§ WHAT YOU ARE ASKED TO DO: Reproduce the records below in full and without edits, omitting images.

*** Opening TASK INPUT ***

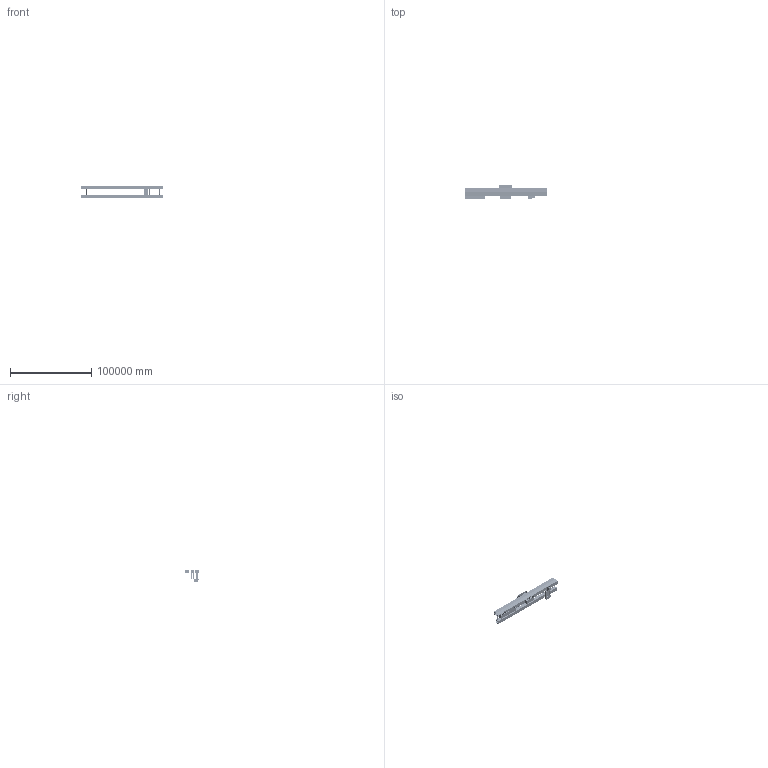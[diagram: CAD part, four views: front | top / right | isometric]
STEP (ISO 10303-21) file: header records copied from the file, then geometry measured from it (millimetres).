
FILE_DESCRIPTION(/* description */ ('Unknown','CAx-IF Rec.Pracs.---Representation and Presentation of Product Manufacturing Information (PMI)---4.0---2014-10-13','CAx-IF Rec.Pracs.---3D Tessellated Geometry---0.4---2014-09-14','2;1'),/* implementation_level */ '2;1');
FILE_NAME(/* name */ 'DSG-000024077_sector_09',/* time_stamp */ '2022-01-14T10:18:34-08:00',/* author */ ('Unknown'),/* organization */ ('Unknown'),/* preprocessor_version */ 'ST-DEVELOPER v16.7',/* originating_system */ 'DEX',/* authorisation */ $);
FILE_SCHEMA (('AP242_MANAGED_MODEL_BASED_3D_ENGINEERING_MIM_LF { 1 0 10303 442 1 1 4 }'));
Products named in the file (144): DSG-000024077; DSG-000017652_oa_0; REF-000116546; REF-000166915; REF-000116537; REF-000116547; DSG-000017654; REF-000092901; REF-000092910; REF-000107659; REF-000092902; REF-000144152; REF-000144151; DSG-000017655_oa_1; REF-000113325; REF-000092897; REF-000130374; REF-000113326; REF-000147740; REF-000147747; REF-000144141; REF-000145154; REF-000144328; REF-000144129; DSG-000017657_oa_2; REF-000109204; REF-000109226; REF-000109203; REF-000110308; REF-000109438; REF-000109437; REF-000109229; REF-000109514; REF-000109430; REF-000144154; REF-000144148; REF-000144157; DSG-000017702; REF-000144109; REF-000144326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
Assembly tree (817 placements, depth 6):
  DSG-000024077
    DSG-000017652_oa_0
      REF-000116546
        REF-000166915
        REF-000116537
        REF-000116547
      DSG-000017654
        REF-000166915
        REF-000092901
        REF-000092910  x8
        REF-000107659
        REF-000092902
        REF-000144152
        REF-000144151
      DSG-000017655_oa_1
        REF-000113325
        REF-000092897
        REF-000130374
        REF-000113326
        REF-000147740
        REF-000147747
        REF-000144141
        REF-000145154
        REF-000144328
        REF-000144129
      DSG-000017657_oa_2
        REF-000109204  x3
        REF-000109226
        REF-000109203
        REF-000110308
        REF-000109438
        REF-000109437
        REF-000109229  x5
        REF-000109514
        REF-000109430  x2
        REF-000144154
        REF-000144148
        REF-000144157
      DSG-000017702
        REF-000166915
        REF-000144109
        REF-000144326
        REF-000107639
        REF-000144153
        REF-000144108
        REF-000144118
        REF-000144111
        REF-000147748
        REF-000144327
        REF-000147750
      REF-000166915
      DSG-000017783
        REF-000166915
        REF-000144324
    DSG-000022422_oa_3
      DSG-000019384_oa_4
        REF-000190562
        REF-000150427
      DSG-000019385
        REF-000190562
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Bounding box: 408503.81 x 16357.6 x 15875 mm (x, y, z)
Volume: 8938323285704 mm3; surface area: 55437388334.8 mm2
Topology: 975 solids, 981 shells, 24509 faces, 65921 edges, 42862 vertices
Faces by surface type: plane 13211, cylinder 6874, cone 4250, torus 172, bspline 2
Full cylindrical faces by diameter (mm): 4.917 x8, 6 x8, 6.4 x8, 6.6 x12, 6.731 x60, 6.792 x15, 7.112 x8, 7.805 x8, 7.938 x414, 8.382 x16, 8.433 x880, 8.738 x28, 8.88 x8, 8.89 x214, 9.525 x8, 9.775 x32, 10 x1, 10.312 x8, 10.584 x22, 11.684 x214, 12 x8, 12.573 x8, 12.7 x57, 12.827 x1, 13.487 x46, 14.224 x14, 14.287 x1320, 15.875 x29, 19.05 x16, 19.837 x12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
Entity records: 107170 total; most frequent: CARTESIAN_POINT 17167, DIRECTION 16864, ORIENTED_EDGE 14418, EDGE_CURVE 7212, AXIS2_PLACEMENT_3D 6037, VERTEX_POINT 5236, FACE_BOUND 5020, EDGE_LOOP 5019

*** Closing TASK INPUT ***

§ RESPONSE BELOW:
[diagram: CAD part, four views: front | top / right | isometric]
STEP (ISO 10303-21) file: header records copied from the file, then geometry measured from it (millimetres).
FILE_DESCRIPTION(/* description */ ('Unknown','CAx-IF Rec.Pracs.---Representation and Presentation of Product Manufacturing Information (PMI)---4.0---2014-10-13','CAx-IF Rec.Pracs.---3D Tessellated Geometry---0.4---2014-09-14','2;1'),/* implementation_level */ '2;1');
FILE_NAME(/* name */ 'DSG-000024077_sector_09',/* time_stamp */ '2022-01-14T10:18:34-08:00',/* author */ ('Unknown'),/* organization */ ('Unknown'),/* preprocessor_version */ 'ST-DEVELOPER v16.7',/* originating_system */ 'DEX',/* authorisation */ $);
FILE_SCHEMA (('AP242_MANAGED_MODEL_BASED_3D_ENGINEERING_MIM_LF { 1 0 10303 442 1 1 4 }'));
Products named in the file (144): DSG-000024077; DSG-000017652_oa_0; REF-000116546; REF-000166915; REF-000116537; REF-000116547; DSG-000017654; REF-000092901; REF-000092910; REF-000107659; REF-000092902; REF-000144152; REF-000144151; DSG-000017655_oa_1; REF-000113325; REF-000092897; REF-000130374; REF-000113326; REF-000147740; REF-000147747; REF-000144141; REF-000145154; REF-000144328; REF-000144129; DSG-000017657_oa_2; REF-000109204; REF-000109226; REF-000109203; REF-000110308; REF-000109438; REF-000109437; REF-000109229; REF-000109514; REF-000109430; REF-000144154; REF-000144148; REF-000144157; DSG-000017702; REF-000144109; REF-000144326
Assembly tree (817 placements, depth 6):
  DSG-000024077
    DSG-000017652_oa_0
      REF-000116546
        REF-000166915
        REF-000116537
        REF-000116547
      DSG-000017654
        REF-000166915
        REF-000092901
        REF-000092910  x8
        REF-000107659
        REF-000092902
        REF-000144152
        REF-000144151
      DSG-000017655_oa_1
        REF-000113325
        REF-000092897
        REF-000130374
        REF-000113326
        REF-000147740
        REF-000147747
        REF-000144141
        REF-000145154
        REF-000144328
        REF-000144129
      DSG-000017657_oa_2
        REF-000109204  x3
        REF-000109226
        REF-000109203
        REF-000110308
        REF-000109438
        REF-000109437
        REF-000109229  x5
        REF-000109514
        REF-000109430  x2
        REF-000144154
        REF-000144148
        REF-000144157
      DSG-000017702
        REF-000166915
        REF-000144109
        REF-000144326
        REF-000107639
        REF-000144153
        REF-000144108
        REF-000144118
        REF-000144111
        REF-000147748
        REF-000144327
        REF-000147750
      REF-000166915
      DSG-000017783
        REF-000166915
        REF-000144324
    DSG-000022422_oa_3
      DSG-000019384_oa_4
        REF-000190562
        REF-000150427
      DSG-000019385
        REF-000190562
Bounding box: 408503.81 x 16357.6 x 15875 mm (x, y, z)
Volume: 8938323285704 mm3; surface area: 55437388334.8 mm2
Topology: 975 solids, 981 shells, 24509 faces, 65921 edges, 42862 vertices
Faces by surface type: plane 13211, cylinder 6874, cone 4250, torus 172, bspline 2
Full cylindrical faces by diameter (mm): 4.917 x8, 6 x8, 6.4 x8, 6.6 x12, 6.731 x60, 6.792 x15, 7.112 x8, 7.805 x8, 7.938 x414, 8.382 x16, 8.433 x880, 8.738 x28, 8.88 x8, 8.89 x214, 9.525 x8, 9.775 x32, 10 x1, 10.312 x8, 10.584 x22, 11.684 x214, 12 x8, 12.573 x8, 12.7 x57, 12.827 x1, 13.487 x46, 14.224 x14, 14.287 x1320, 15.875 x29, 19.05 x16, 19.837 x12
Entity records: 107170 total; most frequent: CARTESIAN_POINT 17167, DIRECTION 16864, ORIENTED_EDGE 14418, EDGE_CURVE 7212, AXIS2_PLACEMENT_3D 6037, VERTEX_POINT 5236, FACE_BOUND 5020, EDGE_LOOP 5019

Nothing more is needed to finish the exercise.